Problem to solve:
Go through the records and report each line in which the word "MOOTMPUNKT" occurs.

(Stored data entries)
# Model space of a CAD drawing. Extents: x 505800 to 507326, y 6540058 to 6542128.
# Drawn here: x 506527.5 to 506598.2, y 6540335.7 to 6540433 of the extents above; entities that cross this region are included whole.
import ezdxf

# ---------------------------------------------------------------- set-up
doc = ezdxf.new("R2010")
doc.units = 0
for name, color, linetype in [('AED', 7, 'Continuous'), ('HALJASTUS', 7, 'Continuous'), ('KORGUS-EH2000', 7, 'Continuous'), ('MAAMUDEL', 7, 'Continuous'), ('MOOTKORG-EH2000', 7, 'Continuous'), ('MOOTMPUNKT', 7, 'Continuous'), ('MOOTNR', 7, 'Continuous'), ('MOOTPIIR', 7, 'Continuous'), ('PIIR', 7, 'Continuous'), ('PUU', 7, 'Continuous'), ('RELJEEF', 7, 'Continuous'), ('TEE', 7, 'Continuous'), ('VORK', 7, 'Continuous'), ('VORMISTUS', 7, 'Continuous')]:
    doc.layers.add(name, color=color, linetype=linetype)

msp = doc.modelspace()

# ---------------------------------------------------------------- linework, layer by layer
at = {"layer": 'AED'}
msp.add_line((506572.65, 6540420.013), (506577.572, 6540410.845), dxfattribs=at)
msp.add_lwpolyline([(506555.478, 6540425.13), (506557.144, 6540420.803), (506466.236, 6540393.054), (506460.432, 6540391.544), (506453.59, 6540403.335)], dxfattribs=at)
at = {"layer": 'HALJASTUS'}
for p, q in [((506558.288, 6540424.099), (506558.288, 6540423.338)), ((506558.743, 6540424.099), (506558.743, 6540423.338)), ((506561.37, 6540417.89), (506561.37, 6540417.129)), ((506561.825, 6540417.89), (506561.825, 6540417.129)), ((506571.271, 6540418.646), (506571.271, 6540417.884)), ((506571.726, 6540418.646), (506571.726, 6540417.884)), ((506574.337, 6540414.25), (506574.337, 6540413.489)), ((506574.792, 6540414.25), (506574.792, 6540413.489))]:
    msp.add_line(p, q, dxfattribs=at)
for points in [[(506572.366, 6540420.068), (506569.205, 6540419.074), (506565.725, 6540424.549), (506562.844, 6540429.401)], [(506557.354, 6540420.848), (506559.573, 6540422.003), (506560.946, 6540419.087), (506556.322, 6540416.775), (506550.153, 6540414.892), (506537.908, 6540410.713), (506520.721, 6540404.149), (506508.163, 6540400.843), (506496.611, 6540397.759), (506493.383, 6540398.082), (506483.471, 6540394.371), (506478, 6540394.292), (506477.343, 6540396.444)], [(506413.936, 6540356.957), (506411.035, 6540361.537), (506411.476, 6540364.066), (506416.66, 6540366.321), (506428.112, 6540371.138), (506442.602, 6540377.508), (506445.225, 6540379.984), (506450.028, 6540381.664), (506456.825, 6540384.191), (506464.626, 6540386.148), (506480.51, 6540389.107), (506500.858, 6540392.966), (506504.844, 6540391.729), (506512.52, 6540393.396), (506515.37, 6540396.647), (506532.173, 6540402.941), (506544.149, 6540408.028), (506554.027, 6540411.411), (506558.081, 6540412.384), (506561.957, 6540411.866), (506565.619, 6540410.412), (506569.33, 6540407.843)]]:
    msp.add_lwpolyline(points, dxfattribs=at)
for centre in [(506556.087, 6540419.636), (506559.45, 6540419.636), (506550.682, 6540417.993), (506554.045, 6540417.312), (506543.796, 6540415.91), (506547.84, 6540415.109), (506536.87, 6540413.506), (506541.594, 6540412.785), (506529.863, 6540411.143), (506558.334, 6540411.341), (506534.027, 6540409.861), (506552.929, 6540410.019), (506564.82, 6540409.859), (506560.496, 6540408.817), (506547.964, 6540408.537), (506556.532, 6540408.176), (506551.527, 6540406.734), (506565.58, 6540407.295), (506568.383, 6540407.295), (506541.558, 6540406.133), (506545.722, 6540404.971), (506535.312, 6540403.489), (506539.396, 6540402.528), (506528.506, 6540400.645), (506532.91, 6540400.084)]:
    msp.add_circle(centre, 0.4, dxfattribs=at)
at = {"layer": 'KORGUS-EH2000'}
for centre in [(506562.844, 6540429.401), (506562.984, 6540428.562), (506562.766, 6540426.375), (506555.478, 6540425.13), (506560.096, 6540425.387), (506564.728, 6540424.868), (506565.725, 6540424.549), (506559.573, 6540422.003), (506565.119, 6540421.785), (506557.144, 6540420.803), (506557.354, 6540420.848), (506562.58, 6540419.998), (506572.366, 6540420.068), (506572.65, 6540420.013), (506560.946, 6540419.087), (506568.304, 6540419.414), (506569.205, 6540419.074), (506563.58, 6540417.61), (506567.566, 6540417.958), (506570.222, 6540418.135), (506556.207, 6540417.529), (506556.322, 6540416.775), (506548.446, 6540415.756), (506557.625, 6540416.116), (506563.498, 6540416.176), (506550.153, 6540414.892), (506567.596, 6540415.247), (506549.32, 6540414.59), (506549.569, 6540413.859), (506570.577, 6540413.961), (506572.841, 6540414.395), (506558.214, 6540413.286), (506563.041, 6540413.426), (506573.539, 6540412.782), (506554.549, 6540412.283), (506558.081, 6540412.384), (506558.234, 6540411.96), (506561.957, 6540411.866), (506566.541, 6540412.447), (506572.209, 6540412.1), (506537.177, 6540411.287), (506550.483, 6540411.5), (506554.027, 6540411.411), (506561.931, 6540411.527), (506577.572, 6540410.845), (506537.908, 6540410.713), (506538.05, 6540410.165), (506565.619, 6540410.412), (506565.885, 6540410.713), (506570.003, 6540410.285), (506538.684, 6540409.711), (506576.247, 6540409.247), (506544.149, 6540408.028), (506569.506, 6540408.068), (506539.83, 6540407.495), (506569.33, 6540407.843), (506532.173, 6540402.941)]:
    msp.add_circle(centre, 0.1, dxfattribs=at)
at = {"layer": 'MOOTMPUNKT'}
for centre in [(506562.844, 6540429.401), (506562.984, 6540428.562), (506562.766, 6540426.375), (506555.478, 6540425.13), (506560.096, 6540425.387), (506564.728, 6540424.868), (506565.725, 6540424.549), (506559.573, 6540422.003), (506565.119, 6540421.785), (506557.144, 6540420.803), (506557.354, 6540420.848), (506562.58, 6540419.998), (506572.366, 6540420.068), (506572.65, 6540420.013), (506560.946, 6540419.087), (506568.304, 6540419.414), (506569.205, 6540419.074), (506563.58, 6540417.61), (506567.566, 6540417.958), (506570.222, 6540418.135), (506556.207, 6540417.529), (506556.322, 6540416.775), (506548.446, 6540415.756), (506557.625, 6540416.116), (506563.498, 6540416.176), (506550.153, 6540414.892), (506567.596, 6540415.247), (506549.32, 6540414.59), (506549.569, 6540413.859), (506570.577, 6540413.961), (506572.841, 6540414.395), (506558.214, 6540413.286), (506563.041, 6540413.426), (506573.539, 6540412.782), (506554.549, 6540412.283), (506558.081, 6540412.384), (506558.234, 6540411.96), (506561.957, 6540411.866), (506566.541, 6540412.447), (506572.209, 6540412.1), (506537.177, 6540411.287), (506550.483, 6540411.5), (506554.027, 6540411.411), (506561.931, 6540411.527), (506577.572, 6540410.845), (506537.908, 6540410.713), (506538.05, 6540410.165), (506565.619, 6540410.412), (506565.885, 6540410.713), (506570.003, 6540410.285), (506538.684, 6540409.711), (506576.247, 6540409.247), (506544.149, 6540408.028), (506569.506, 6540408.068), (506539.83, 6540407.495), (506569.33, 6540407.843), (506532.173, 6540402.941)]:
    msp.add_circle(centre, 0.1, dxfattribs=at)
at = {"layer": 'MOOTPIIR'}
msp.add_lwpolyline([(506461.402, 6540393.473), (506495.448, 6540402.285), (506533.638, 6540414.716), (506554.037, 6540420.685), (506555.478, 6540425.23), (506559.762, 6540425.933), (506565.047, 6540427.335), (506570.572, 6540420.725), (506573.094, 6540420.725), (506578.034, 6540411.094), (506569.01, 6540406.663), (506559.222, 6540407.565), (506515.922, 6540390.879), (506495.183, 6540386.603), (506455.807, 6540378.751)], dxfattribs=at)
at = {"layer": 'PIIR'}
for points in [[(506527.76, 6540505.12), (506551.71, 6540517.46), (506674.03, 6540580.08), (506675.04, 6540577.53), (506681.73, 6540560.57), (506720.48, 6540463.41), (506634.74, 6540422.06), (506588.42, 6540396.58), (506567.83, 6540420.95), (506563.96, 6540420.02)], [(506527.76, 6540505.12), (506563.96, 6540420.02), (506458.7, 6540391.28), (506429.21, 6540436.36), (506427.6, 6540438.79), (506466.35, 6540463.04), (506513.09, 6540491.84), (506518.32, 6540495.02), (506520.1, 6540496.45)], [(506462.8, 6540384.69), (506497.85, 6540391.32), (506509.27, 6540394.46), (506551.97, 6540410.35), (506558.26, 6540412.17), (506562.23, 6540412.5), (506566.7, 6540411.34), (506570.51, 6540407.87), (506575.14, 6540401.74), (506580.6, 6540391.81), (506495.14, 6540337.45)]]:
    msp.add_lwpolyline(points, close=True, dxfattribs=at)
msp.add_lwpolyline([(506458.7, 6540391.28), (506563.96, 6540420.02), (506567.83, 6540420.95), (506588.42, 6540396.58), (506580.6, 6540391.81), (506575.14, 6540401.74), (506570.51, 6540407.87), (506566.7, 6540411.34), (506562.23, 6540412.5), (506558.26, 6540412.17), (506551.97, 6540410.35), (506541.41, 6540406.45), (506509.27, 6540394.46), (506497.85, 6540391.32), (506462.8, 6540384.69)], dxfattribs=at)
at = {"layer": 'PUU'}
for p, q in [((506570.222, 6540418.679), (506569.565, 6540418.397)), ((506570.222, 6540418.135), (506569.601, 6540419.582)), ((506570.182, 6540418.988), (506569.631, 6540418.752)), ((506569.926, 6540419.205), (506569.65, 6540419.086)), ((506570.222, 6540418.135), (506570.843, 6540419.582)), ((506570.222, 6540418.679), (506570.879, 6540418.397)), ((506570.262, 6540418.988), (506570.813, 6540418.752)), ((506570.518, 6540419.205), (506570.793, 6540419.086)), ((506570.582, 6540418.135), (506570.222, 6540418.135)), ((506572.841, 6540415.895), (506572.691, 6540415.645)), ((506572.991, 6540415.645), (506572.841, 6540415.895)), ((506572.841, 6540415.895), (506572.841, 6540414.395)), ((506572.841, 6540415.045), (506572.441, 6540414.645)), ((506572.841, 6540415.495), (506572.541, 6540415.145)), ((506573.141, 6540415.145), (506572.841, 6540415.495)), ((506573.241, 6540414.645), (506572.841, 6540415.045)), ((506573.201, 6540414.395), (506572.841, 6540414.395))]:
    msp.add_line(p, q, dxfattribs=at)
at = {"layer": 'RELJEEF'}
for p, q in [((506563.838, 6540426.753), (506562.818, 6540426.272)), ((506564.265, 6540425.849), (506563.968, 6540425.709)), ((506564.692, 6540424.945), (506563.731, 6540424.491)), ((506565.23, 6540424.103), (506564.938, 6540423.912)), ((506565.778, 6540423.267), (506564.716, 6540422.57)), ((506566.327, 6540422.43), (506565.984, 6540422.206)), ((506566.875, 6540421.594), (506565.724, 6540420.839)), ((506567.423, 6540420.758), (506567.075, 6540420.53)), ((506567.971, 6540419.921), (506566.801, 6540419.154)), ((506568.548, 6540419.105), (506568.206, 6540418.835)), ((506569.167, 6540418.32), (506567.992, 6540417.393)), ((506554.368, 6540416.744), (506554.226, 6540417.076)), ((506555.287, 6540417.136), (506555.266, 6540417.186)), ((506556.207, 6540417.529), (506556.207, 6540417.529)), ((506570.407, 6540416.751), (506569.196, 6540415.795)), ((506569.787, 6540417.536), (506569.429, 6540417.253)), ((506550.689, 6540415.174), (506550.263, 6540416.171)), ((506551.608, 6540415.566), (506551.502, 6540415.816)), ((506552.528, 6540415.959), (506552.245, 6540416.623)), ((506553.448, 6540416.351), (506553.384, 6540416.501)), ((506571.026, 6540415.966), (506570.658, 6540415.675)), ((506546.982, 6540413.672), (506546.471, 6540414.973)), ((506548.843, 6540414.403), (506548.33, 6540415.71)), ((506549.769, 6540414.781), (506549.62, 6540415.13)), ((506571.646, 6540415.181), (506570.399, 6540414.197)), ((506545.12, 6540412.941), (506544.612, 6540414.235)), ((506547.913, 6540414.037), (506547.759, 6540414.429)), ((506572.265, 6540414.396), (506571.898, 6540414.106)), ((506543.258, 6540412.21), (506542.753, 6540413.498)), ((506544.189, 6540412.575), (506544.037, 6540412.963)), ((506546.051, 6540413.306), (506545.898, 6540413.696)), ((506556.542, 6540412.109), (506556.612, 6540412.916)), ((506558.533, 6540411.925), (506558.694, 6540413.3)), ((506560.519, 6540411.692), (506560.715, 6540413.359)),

Output for this task:
for name, color, linetype in [('AED', 7, 'Continuous'), ('HALJASTUS', 7, 'Continuous'), ('KORGUS-EH2000', 7, 'Continuous'), ('MAAMUDEL', 7, 'Continuous'), ('MOOTKORG-EH2000', 7, 'Continuous'), ('MOOTMPUNKT', 7, 'Continuous'), ('MOOTNR', 7, 'Continuous'), ('MOOTPIIR', 7, 'Continuous'), ('PIIR', 7, 'Continuous'), ('PUU', 7, 'Continuous'), ('RELJEEF', 7, 'Continuous'), ('TEE', 7, 'Continuous'), ('VORK', 7, 'Continuous'), ('VORMISTUS', 7, 'Continuous')]:
at = {"layer": 'MOOTMPUNKT'}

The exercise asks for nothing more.